_Task directions_: Can you pull out each line of the data below that includes the word "plain"?

_Source data_:

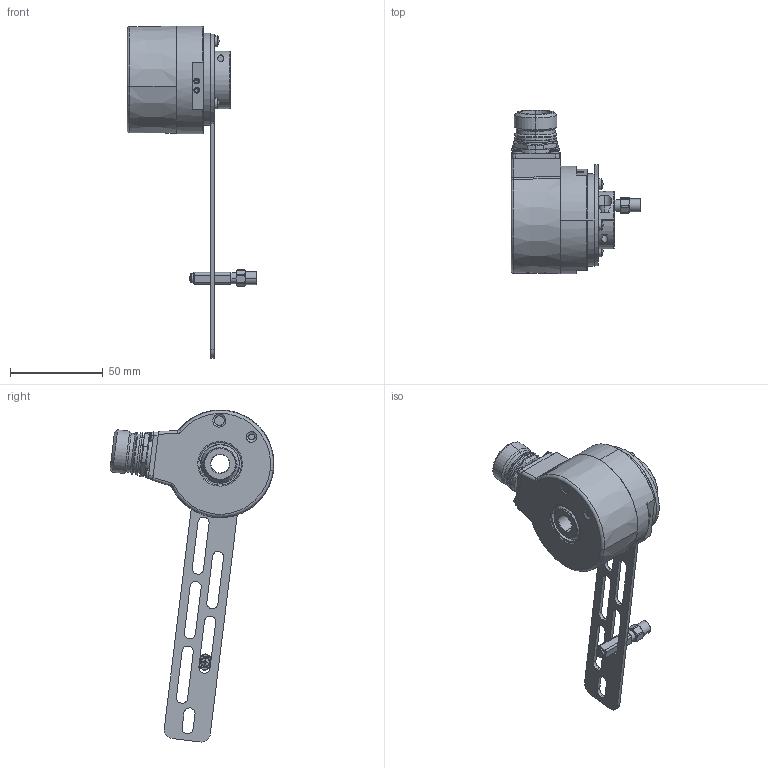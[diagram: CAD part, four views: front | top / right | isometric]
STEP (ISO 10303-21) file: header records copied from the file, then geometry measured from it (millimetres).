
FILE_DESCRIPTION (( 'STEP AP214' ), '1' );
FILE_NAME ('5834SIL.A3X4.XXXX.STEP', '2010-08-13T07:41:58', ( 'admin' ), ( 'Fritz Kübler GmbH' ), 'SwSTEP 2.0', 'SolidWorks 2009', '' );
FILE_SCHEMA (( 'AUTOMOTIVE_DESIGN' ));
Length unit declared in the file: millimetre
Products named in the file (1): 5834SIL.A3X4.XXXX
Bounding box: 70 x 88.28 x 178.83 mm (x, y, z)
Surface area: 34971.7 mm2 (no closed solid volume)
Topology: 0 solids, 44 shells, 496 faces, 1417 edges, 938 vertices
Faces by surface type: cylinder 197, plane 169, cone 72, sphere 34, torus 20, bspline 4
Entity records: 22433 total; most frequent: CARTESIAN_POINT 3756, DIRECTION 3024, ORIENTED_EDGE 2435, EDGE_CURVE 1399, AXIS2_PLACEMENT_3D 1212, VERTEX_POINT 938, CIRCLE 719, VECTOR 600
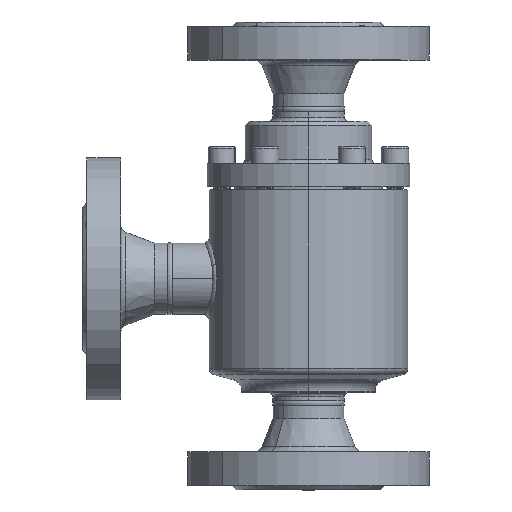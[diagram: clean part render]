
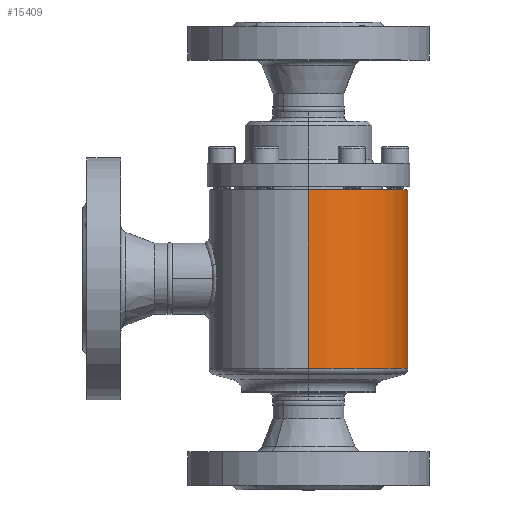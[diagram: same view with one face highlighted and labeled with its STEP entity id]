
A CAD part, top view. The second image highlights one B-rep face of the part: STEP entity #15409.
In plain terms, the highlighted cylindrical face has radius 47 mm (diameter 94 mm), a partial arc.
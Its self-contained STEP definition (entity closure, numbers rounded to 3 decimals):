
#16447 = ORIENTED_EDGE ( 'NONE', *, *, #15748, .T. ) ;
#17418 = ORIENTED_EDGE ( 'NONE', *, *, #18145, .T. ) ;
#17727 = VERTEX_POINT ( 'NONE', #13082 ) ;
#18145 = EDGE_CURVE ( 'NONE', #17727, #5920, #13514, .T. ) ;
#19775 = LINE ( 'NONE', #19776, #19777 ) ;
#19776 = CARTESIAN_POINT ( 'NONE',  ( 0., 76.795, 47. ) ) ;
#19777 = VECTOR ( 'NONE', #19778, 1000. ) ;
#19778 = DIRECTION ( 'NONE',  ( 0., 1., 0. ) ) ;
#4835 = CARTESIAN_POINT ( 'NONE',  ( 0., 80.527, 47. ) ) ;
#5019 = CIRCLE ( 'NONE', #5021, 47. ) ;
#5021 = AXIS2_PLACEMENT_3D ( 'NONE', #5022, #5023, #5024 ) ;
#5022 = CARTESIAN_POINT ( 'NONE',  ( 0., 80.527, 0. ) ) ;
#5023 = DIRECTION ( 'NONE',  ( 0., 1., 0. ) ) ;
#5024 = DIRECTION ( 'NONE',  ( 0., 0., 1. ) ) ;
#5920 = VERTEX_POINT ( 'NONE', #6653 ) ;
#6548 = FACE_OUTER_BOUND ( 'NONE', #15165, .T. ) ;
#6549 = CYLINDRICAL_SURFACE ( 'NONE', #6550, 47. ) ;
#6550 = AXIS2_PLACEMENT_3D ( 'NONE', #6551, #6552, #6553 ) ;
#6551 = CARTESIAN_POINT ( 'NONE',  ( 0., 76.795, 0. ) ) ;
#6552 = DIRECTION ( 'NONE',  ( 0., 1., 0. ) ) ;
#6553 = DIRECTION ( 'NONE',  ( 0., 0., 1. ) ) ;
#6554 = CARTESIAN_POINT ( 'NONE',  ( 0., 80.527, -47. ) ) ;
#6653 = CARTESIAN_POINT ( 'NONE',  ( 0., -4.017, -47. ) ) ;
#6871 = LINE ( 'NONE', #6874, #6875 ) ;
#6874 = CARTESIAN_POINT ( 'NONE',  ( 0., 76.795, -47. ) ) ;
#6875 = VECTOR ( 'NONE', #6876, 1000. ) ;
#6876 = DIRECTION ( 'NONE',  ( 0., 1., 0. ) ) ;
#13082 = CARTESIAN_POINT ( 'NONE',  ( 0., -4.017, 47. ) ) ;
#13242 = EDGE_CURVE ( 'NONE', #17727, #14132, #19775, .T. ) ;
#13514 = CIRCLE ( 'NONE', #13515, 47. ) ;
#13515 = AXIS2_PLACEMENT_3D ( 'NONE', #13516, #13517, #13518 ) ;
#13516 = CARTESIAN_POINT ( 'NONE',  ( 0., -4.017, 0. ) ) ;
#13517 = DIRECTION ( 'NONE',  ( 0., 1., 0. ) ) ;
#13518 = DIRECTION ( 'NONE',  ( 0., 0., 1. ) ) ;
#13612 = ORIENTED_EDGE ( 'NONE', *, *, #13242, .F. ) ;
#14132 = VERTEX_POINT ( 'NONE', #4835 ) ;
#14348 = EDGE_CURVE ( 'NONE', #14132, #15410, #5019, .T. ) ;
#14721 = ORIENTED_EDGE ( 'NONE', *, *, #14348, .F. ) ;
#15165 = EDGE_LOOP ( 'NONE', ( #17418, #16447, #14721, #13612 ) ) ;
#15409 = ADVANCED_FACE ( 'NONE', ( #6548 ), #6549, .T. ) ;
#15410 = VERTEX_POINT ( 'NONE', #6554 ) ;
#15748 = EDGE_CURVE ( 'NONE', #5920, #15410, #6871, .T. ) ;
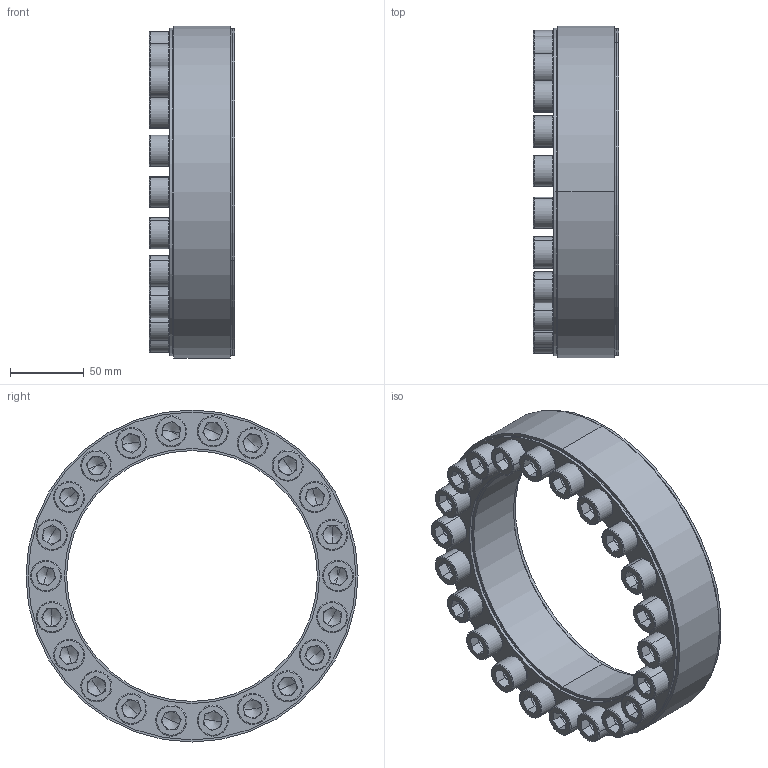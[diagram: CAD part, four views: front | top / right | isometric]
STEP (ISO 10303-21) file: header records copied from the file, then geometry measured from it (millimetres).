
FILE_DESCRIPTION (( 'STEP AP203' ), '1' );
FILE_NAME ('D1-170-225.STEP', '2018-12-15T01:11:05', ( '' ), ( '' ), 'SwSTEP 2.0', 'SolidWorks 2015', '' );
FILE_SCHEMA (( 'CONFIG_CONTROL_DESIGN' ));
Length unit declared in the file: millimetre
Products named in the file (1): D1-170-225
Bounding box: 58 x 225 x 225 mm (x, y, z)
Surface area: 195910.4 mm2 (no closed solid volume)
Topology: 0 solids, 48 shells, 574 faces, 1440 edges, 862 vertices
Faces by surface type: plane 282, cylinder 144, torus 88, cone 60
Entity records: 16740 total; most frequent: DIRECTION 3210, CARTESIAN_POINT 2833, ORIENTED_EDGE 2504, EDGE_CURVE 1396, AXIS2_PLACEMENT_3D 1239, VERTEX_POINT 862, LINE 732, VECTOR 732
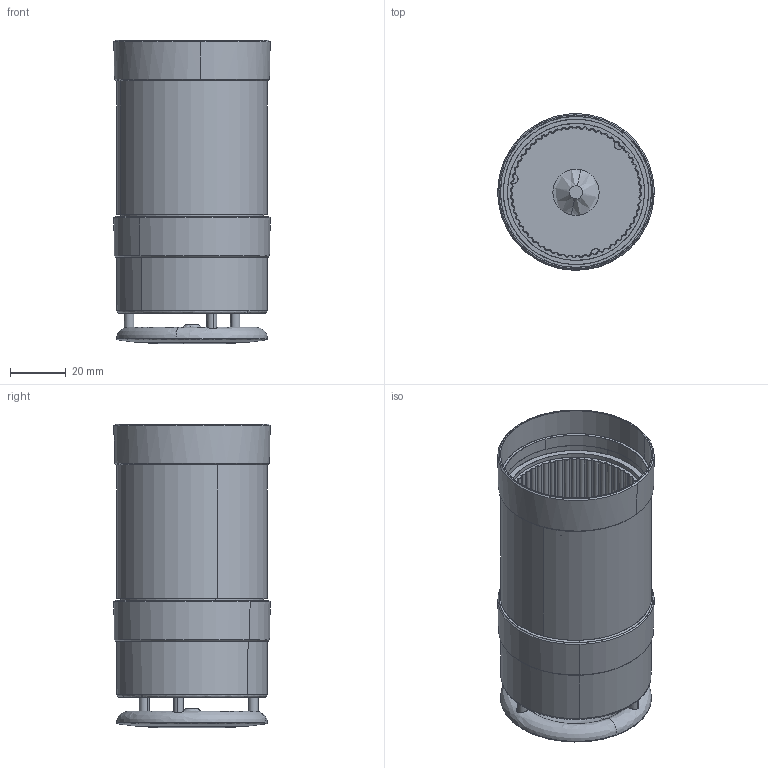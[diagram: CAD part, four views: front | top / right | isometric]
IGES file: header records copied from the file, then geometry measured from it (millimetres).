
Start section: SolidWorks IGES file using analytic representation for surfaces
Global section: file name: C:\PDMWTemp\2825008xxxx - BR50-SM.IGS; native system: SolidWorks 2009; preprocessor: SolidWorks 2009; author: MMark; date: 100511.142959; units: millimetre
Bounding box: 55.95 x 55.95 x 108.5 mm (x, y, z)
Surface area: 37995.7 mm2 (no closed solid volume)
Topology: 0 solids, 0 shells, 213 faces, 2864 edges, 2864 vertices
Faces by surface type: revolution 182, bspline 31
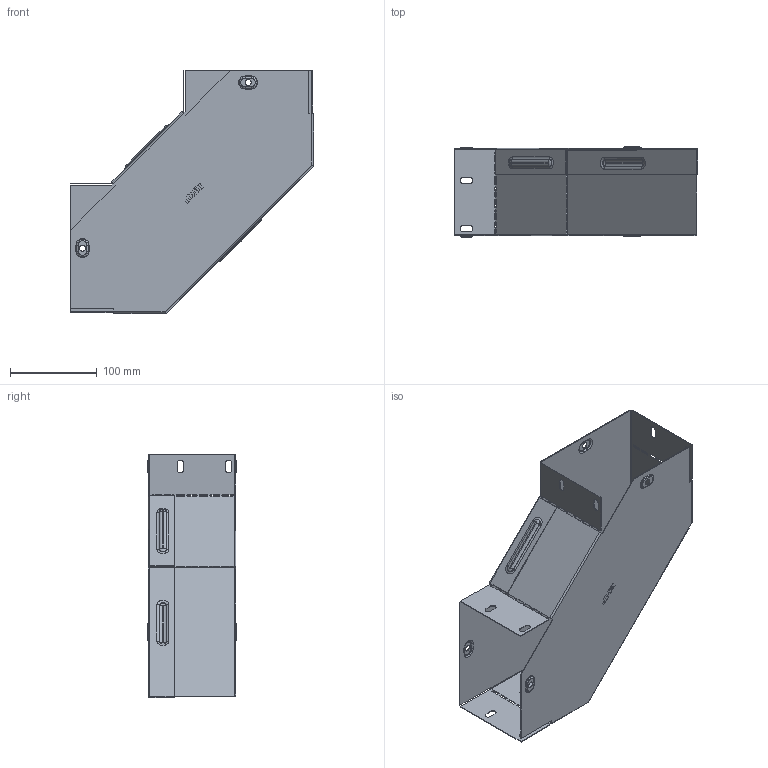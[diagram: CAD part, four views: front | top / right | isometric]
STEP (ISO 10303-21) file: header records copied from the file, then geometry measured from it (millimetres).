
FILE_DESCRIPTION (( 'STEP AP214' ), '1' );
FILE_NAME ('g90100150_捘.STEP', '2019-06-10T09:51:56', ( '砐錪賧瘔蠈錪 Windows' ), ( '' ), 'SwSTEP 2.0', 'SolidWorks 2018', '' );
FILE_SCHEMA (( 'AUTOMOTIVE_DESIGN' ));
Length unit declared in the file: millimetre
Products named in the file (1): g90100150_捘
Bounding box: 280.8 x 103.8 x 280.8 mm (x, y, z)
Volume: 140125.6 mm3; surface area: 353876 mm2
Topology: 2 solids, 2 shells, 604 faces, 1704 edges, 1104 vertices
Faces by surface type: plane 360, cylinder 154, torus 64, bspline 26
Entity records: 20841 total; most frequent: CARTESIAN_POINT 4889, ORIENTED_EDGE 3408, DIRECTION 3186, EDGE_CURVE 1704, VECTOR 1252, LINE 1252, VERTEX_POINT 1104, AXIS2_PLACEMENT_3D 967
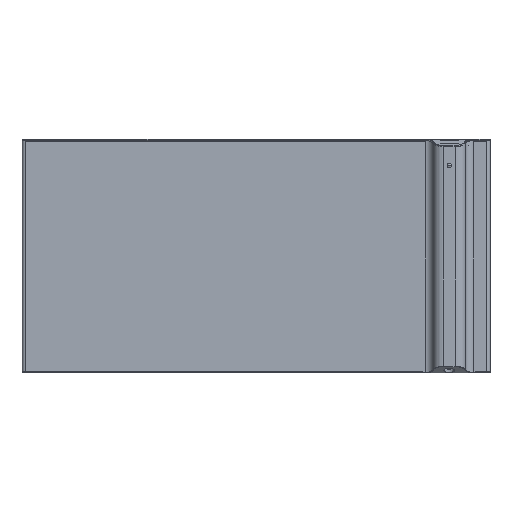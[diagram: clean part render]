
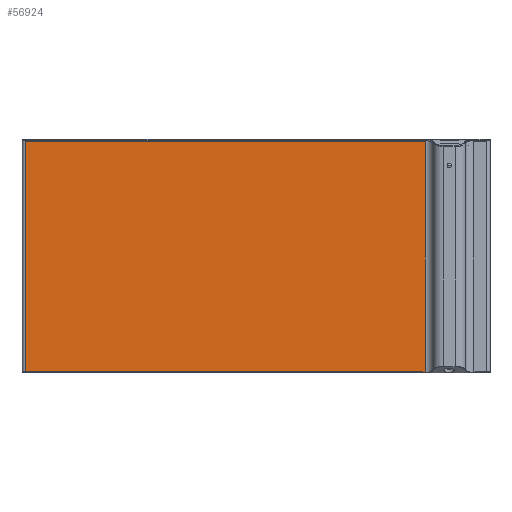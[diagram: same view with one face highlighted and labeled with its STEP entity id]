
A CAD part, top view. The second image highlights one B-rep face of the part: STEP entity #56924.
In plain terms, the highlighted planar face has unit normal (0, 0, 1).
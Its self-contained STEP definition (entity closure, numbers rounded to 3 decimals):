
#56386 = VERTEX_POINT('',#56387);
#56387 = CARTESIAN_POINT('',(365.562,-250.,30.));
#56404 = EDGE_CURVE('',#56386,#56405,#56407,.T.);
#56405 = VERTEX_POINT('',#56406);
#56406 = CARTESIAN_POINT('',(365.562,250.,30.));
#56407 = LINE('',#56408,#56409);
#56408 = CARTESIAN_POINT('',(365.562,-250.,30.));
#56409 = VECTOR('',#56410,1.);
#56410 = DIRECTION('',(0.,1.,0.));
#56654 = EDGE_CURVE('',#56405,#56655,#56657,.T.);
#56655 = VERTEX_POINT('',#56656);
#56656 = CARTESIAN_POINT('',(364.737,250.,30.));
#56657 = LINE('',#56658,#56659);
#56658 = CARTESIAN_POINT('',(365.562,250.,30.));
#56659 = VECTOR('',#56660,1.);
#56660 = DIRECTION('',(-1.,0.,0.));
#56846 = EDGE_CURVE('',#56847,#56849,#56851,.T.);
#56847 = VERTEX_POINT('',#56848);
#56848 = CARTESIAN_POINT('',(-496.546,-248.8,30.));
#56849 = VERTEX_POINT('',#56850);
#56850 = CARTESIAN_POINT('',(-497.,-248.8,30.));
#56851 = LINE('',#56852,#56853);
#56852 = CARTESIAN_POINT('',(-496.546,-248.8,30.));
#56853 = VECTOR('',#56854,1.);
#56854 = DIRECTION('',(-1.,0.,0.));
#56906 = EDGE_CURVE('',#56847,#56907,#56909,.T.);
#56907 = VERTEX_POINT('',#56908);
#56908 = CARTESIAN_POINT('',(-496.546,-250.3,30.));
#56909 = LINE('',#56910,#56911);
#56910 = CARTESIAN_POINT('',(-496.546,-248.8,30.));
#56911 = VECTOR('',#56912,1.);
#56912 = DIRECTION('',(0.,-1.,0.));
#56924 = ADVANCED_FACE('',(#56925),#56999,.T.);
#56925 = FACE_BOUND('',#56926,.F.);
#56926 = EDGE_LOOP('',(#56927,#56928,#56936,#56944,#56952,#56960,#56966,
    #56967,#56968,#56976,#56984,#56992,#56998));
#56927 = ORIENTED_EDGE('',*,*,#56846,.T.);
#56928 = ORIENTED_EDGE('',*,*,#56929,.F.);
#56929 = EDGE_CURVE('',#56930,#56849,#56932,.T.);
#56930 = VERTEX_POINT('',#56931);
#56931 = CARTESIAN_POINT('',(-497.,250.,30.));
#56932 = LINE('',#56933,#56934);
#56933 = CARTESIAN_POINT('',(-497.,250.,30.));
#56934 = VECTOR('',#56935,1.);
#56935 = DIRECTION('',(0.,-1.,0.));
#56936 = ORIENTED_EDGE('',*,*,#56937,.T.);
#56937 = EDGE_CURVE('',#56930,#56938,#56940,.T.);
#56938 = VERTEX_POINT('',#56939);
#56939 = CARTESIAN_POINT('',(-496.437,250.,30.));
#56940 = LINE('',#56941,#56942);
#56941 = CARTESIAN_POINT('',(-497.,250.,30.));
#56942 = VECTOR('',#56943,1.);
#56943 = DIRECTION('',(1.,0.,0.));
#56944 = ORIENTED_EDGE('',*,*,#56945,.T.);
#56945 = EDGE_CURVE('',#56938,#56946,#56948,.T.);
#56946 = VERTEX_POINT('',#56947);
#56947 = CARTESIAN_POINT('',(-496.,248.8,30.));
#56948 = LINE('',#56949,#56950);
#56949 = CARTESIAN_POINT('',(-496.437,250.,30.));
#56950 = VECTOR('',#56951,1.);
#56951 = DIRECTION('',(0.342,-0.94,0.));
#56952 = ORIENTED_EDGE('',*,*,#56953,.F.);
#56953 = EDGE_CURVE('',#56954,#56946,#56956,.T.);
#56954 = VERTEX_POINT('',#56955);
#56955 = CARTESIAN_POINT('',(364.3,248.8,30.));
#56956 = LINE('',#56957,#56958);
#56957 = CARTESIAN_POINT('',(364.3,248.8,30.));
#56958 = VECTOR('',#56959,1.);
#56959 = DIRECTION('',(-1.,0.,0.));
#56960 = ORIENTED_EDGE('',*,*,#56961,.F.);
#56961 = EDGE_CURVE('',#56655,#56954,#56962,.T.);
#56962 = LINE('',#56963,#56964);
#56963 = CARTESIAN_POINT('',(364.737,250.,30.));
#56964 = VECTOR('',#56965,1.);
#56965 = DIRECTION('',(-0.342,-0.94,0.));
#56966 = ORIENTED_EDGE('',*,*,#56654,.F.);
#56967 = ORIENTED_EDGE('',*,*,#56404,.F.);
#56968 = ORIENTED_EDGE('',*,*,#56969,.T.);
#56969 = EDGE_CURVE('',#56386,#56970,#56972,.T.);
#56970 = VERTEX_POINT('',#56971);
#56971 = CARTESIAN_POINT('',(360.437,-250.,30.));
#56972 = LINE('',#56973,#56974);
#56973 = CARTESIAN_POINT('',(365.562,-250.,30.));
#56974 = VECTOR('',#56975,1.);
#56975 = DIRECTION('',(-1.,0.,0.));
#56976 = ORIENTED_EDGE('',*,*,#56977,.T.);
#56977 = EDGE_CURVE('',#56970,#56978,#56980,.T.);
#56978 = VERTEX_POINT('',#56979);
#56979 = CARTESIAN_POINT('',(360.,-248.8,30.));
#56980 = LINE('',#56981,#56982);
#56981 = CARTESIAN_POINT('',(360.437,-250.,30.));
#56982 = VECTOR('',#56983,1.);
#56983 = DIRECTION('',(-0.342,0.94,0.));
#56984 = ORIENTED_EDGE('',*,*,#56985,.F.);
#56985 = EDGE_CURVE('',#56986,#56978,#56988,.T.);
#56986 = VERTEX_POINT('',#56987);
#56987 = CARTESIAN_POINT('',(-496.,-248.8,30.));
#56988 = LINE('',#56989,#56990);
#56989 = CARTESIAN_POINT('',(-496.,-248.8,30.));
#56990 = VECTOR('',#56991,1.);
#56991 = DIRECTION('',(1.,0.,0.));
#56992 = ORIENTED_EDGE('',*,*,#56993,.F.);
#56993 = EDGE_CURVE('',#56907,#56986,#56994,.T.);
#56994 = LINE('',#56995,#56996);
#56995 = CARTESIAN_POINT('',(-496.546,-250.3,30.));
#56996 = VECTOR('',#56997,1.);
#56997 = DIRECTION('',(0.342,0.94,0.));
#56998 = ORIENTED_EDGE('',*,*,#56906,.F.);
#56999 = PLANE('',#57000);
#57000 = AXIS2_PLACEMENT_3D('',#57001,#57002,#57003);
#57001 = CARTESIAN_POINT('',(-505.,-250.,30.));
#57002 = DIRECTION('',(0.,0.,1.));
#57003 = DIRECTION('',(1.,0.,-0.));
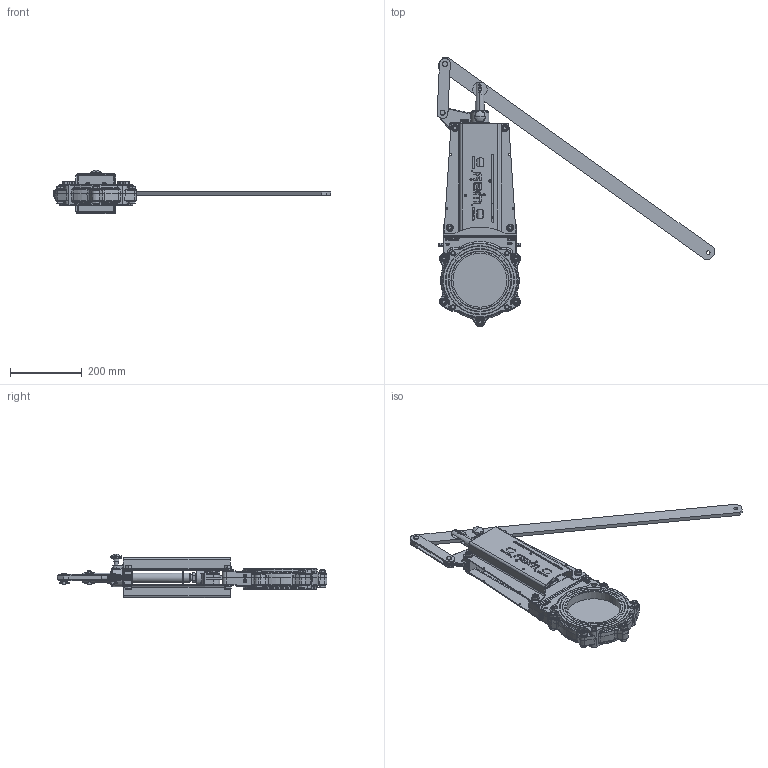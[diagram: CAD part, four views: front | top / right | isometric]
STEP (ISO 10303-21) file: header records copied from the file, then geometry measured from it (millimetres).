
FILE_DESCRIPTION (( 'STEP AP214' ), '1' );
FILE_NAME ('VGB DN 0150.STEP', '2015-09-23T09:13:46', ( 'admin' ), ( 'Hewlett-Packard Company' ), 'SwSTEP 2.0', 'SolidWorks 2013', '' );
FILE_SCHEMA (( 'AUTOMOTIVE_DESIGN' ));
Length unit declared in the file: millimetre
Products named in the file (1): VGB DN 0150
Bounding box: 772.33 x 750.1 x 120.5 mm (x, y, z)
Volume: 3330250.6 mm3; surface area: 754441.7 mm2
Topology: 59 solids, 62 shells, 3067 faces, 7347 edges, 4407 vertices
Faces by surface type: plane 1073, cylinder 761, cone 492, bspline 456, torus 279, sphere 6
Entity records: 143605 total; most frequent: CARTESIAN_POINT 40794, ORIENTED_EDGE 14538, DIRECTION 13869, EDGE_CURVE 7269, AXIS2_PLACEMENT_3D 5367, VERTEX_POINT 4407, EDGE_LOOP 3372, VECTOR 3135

_Result of this exercise_:
In plain terms, the highlighted cylindrical face has radius 47 mm (diameter 94 mm), a partial arc.
In plain terms, the highlighted planar face has unit normal (0, 0, 1).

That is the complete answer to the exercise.